When dealing with duplicate content, it can become quite a mess. This is especially true if your CMS is responsible for creating dozens or even hundreds of duplicate webpages. When using canonical tags to clean up your SERPS, follow these best practices:

  • Audit your canonical tags — Periodically audit your canonical tags to ensure they are helping your SEO performance. Check if your pages have a canonical tag, if the tag is directing to the correct page, and if the pages are able to be indexed or crawled. Using SEO site audit software can make this process much easier.
  • Use them for their intended purpose — Some webmasters try to be sneaky and use canonical tags to manipulate their rankings on specific keywords. Only use canonical tags to fix duplication issues or else Google will see through what you’re trying to do and won’t rank you favorably.
  • Update them when you upgrade from HTTP to HTTPS — If not, you could risk having your canonical tag point back to the HTTP version. If you have redirects set, this can redirect Google to the HTTPS version and confuse the algorithm. You may risk an unending loop, which may result in an error message.

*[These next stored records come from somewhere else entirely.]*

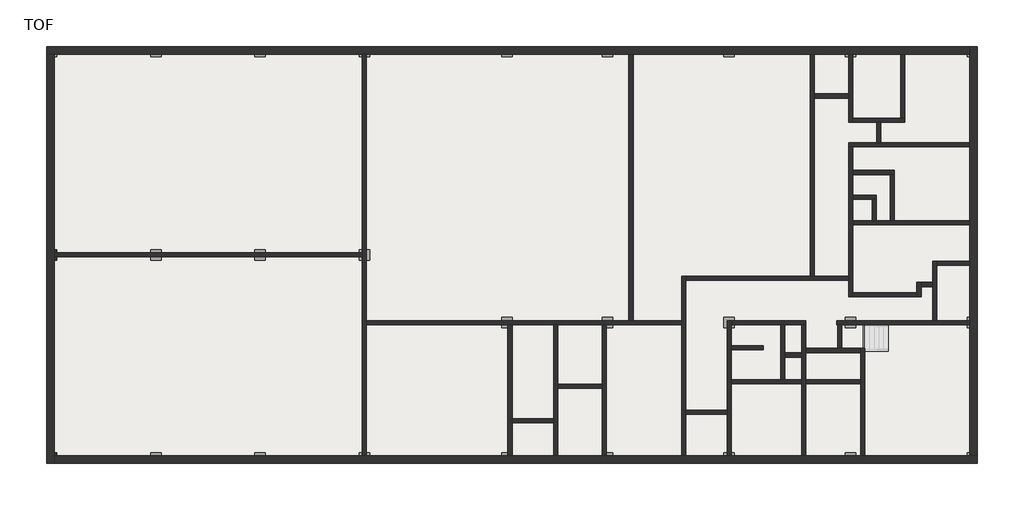
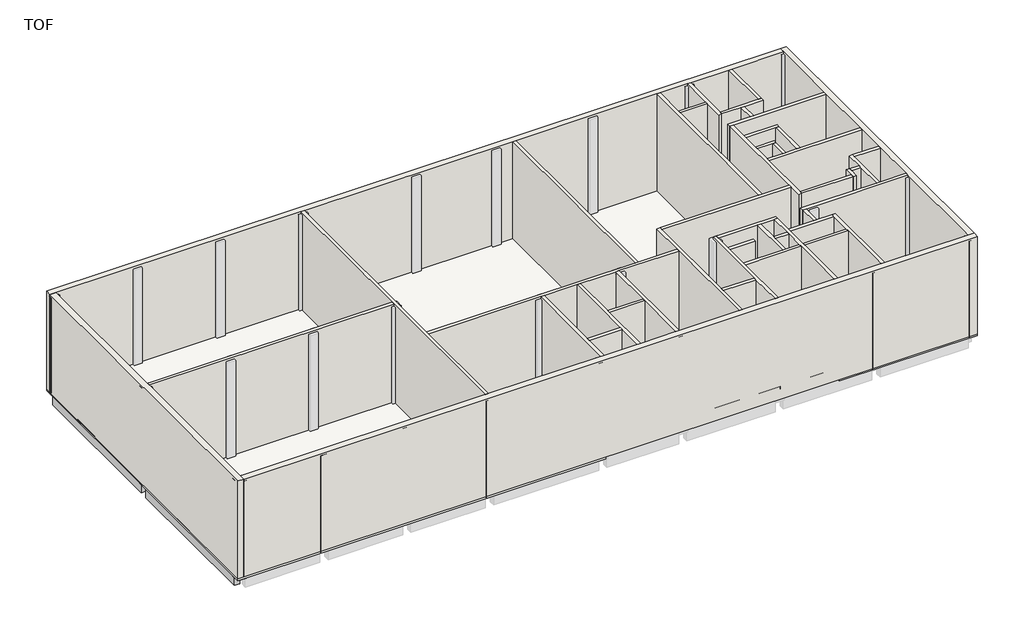
# One storey, part 1 of 2: 45 walls, 6 slabs, 2 beams, 2 columns.
"""IFC4 building model written with IfcOpenShell, lengths in millimetres."""

from ifc_helpers import new_model, si_unit, frame, origin, origin_with_axes, place, context, project, spatial, polyline, outline, extrude, faceted_brep, element, save

model = new_model("IFC4")

# Units and contexts
model_context = context("Model", 3, world=origin())
ifc_project = project(units=[si_unit("LENGTHUNIT", "METRE", prefix="MILLI")], contexts=[model_context])

# Site, building, storey
site = spatial("IfcSite", under=ifc_project)
building = spatial("IfcBuilding", under=site)
storey = spatial("IfcBuildingStorey", under=building, Name="TOF", Elevation=150.0)

# Beams
placement = place(None, origin())
element("IfcBeam", 1, ObjectType="RC Beam_Rectangular : H_SB_ACB_B400xH900", at=placement, inside=storey, context=model_context, shape_type="SweptSolid", body=[
    extrude(outline(polyline([(124.7, 12616.5208589), (-275.3, 12616.5208589), (-275.3, 23716.5208589), (124.7, 23716.5208589), (124.7, 12616.5208589)])), frame((0.0, 0.0, -750.0), z_axis=(0.0, 0.0, 1.0), x_axis=(1.0, 0.0, 0.0)), (0.0, 0.0, 1.0), 900.0),
])
element("IfcBeam", 2, ObjectType="RC Beam_Rectangular : H_SB_ACB_B400xH900", at=placement, inside=storey, context=model_context, shape_type="SweptSolid", body=[
    extrude(outline(polyline([(124.7, 916.5208589), (-275.3, 916.5208589), (-275.3, 12016.5208589), (124.7, 12016.5208589), (124.7, 916.5208589)])), frame((0.0, 0.0, -750.0), z_axis=(0.0, 0.0, 1.0), x_axis=(1.0, 0.0, 0.0)), (0.0, 0.0, 1.0), 900.0),
])

# Columns
element("IfcColumn", 3, ObjectType="RC_Column_Rectangular : H_SC_ACC_W600xL600", at=placement, inside=storey, context=model_context, shape_type="Brep", body=[
    faceted_brep([(224.7, 12616.5208589, 0.0), (224.7, 12016.5208589, 0.0), (-375.3, 12016.5208589, 0.0), (-375.3, 12616.5208589, 0.0), (224.7, 12616.5208589, 50.0), (224.7, 12316.5208589, 50.0), (224.7, 12316.5208589, 200.0), (224.7, 12616.5208589, 200.0), (224.7, 12616.5208589, 7500.0), (224.7, 12516.5208589, 7500.0), (224.7, 12116.5208589, 7500.0), (224.7, 12016.5208589, 7500.0), (124.7, 12016.5208589, 7500.0), (-275.3, 12016.5208589, 7500.0), (-375.3, 12016.5208589, 7500.0), (-375.3, 12616.5208589, 7500.0), (-375.3, 12616.5208589, 200.0), (-375.3, 12316.5208589, 200.0), (-375.3, 12316.5208589, 50.0), (-375.3, 12616.5208589, 50.0), (-275.3, 12616.5208589, 7500.0), (124.7, 12616.5208589, 7500.0)], [[[0, 1, 2, 3]], [[1, 0, 4, 5, 6, 7, 8, 9, 10, 11]], [[2, 1, 11, 12, 13, 14]], [[3, 2, 14, 15, 16, 17, 18, 19]], [[15, 20, 21, 8, 7, 16]], [[11, 10, 9, 8, 21, 20, 15, 14, 13, 12]], [[18, 5, 4, 19]], [[6, 17, 16, 7]], [[5, 18, 17, 6]], [[0, 3, 19, 4]]]),
])
element("IfcColumn", 4, ObjectType="RC_Column_Rectangular : H_SC_ACC_W600xL600", at=placement, inside=storey, context=model_context, shape_type="Brep", body=[
    faceted_brep([(224.7, 916.5208589, 0.0), (224.7, 316.5208589, 0.0), (-375.3, 316.5208589, 0.0), (-375.3, 916.5208589, 0.0), (224.7, 916.5208589, 7500.0), (224.7, 816.5208589, 7500.0), (224.7, 416.5208589, 7500.0), (224.7, 316.5208589, 7500.0), (-375.3, 316.5208589, 7500.0), (-375.3, 916.5208589, 7500.0), (-275.3, 916.5208589, 7500.0), (124.7, 916.5208589, 7500.0)], [[[0, 1, 2, 3]], [[4, 5, 6, 7, 1, 0]], [[7, 8, 2, 1]], [[8, 9, 3, 2]], [[9, 10, 11, 4, 0, 3]], [[4, 11, 10, 9, 8, 7, 6, 5]]]),
])

# Slabs
element("IfcSlab", 5, ObjectType="H_FL_AMF_RC Slab_T150", at=placement, inside=storey, context=model_context, shape_type="Brep", body=[
    faceted_brep([(-375.3, 24316.5208589, 50.0), (224.7, 24316.5208589, 50.0), (5624.7, 24316.5208589, 50.0), (6224.7, 24316.5208589, 50.0), (11624.7, 24316.5208589, 50.0), (12224.7, 24316.5208589, 50.0), (17624.7, 24316.5208589, 50.0), (18224.7, 24316.5208589, 50.0), (25824.7, 24316.5208589, 50.0), (26424.7, 24316.5208589, 50.0), (31624.7, 24316.5208589, 50.0), (32224.7, 24316.5208589, 50.0), (38624.7, 24316.5208589, 50.0), (39224.7, 24316.5208589, 50.0), (43724.7, 24316.5208589, 50.0), (43724.7, 10966.5208589, 50.0), (36324.7, 10966.5208589, 50.0), (36324.7, 8416.5208589, 50.0), (32224.7, 8416.5208589, 50.0), (31624.7, 8416.5208589, 50.0), (26424.7, 8416.5208589, 50.0), (25824.7, 8416.5208589, 50.0), (17924.7, 8416.5208589, 50.0), (17924.7, 12016.5208589, 50.0), (17924.7, 12316.5208589, 50.0), (17624.7, 12316.5208589, 50.0), (12224.7, 12316.5208589, 50.0), (11624.7, 12316.5208589, 50.0), (6224.7, 12316.5208589, 50.0), (5624.7, 12316.5208589, 50.0), (224.7, 12316.5208589, 50.0), (-375.3, 12316.5208589, 50.0), (-375.3, 12616.5208589, 50.0), (-375.3, 23716.5208589, 50.0), (-375.3, 24316.5208589, 200.0), (-375.3, 23716.5208589, 200.0), (-375.3, 12616.5208589, 200.0), (-375.3, 12316.5208589, 200.0), (224.7, 12316.5208589, 200.0), (5624.7, 12316.5208589, 200.0), (6224.7, 12316.5208589, 200.0), (11624.7, 12316.5208589, 200.0), (12224.7, 12316.5208589, 200.0), (17624.7, 12316.5208589, 200.0), (17924.7, 12316.5208589, 200.0), (17924.7, 12016.5208589, 200.0), (17924.7, 8416.5208589, 200.0), (25824.7, 8416.5208589, 200.0), (26424.7, 8416.5208589, 200.0), (31624.7, 8416.5208589, 200.0), (32224.7, 8416.5208589, 200.0), (36324.7, 8416.5208589, 200.0), (36324.7, 10966.5208589, 200.0), (43724.7, 10966.5208589, 200.0), (43724.7, 24316.5208589, 200.0), (39224.7, 24316.5208589, 200.0), (38624.7, 24316.5208589, 200.0), (32224.7, 24316.5208589, 200.0), (31624.7, 24316.5208589, 200.0), (26424.7, 24316.5208589, 200.0), (25824.7, 24316.5208589, 200.0), (18224.7, 24316.5208589, 200.0), (17624.7, 24316.5208589, 200.0), (12224.7, 24316.5208589, 200.0), (11624.7, 24316.5208589, 200.0), (6224.7, 24316.5208589, 200.0), (5624.7, 24316.5208589, 200.0), (224.7, 24316.5208589, 200.0)], [[[0, 1, 2, 3, 4, 5, 6, 7, 8, 9, 10, 11, 12, 13, 14, 15, 16, 17, 18, 19, 20, 21, 22, 23, 24, 25, 26, 27, 28, 29, 30, 31, 32, 33]], [[34, 35, 36, 37, 38, 39, 40, 41, 42, 43, 44, 45, 46, 47, 48, 49, 50, 51, 52, 53, 54, 55, 56, 57, 58, 59, 60, 61, 62, 63, 64, 65, 66, 67]], [[0, 33, 32, 31, 37, 36, 35, 34]], [[14, 13, 12, 11, 10, 9, 8, 7, 6, 5, 4, 3, 2, 1, 0, 34, 67, 66, 65, 64, 63, 62, 61, 60, 59, 58, 57, 56, 55, 54]], [[15, 14, 54, 53]], [[16, 15, 53, 52]], [[17, 16, 52, 51]], [[22, 21, 20, 19, 18, 17, 51, 50, 49, 48, 47, 46]], [[24, 23, 22, 46, 45, 44]], [[31, 30, 29, 28, 27, 26, 25, 24, 44, 43, 42, 41, 40, 39, 38, 37]]]),
])
element("IfcSlab", 6, ObjectType="H_FL_AMF_RC Slab_T150", at=placement, inside=storey, context=model_context, shape_type="Brep", body=[
    faceted_brep([(53224.7, 11850.5208589, 1000.0), (50777.7, 11850.5208589, 1000.0), (50777.7, 8416.5208589, 1000.0), (46624.7, 8416.5208589, 1000.0), (46624.7, 5013.5208589, 1000.0), (43341.7, 5013.5208589, 1000.0), (43224.7, 5013.5208589, 1000.0), (43224.7, 8299.5208589, 1000.0), (43224.7, 8416.5208589, 1000.0), (39041.7, 8416.5208589, 1000.0), (38924.7, 8416.5208589, 1000.0), (38924.7, 746.5208589, 1000.0), (38924.7, 316.5208589, 1000.0), (26307.7, 316.5208589, 1000.0), (26307.7, 8416.5208589, 1000.0), (36324.7, 8416.5208589, 1000.0), (36324.7, 10966.5208589, 1000.0), (43724.7, 10966.5208589, 1000.0), (43724.7, 24316.5208589, 1000.0), (53224.7, 24316.5208589, 1000.0), (53224.7, 11850.5208589, 1150.0), (53224.7, 24316.5208589, 1150.0), (43724.7, 24316.5208589, 1150.0), (43724.7, 10966.5208589, 1150.0), (36324.7, 10966.5208589, 1150.0), (36324.7, 8416.5208589, 1150.0), (26307.7, 8416.5208589, 1150.0), (26307.7, 316.5208589, 1150.0), (38924.7, 316.5208589, 1150.0), (38924.7, 746.5208589, 1150.0), (38924.7, 8416.5208589, 1150.0), (39041.7, 8416.5208589, 1150.0), (43224.7, 8416.5208589, 1150.0), (43224.7, 8299.5208589, 1150.0), (43224.7, 5013.5208589, 1150.0), (43341.7, 5013.5208589, 1150.0), (46624.7, 5013.5208589, 1150.0), (46624.7, 8416.5208589, 1150.0), (50777.7, 8416.5208589, 1150.0), (50777.7, 11850.5208589, 1150.0)], [[[0, 1, 2, 3, 4, 5, 6, 7, 8, 9, 10, 11, 12, 13, 14, 15, 16, 17, 18, 19]], [[20, 21, 22, 23, 24, 25, 26, 27, 28, 29, 30, 31, 32, 33, 34, 35, 36, 37, 38, 39]], [[13, 12, 28, 27]], [[19, 18, 22, 21]], [[0, 19, 21, 20]], [[1, 0, 20, 39]], [[2, 1, 39, 38]], [[3, 2, 38, 37]], [[4, 3, 37, 36]], [[6, 5, 4, 36, 35, 34]], [[8, 7, 6, 34, 33, 32]], [[10, 9, 8, 32, 31, 30]], [[12, 11, 10, 30, 29, 28]], [[14, 13, 27, 26]], [[15, 14, 26, 25]], [[16, 15, 25, 24]], [[17, 16, 24, 23]], [[18, 17, 23, 22]]]),
])
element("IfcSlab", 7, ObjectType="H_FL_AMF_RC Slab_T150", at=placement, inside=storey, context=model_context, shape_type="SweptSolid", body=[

  • Know when to use a 301 redirect vs. a canonical tag — Both are not a one-size-fits-all solution. Though they do similar things, they have different end results. Basically, a 301 redirect tells a web browser to redirect a specific page so that users never see it. A canonical tag ensures that Google only shows the intended page you want on a SERP. However, if the user were to type in the URL, they could still view this page. By using a 301 redirect on accident, you could risk users never seeing one of your URLs.
  • Keep your tags organized — When you fail to add canonical tags in the right order, Google may become confused with your intentions, which can mess up your rankings. Make sure you don’t accidentally point two pages at each other. Likewise, creating a chain of canonical tags may confuse search engines. Page A to Page B, Page B to Page C, and Page C to Page D may be too much for the algorithm to process and may not work out correctly for your website.

In order to follow search engine optimization best practices, it’s important to use the canonical tag to let search engines know which content to crawl. Following this advice can help you improve your SEO and get more meaningful web traffic.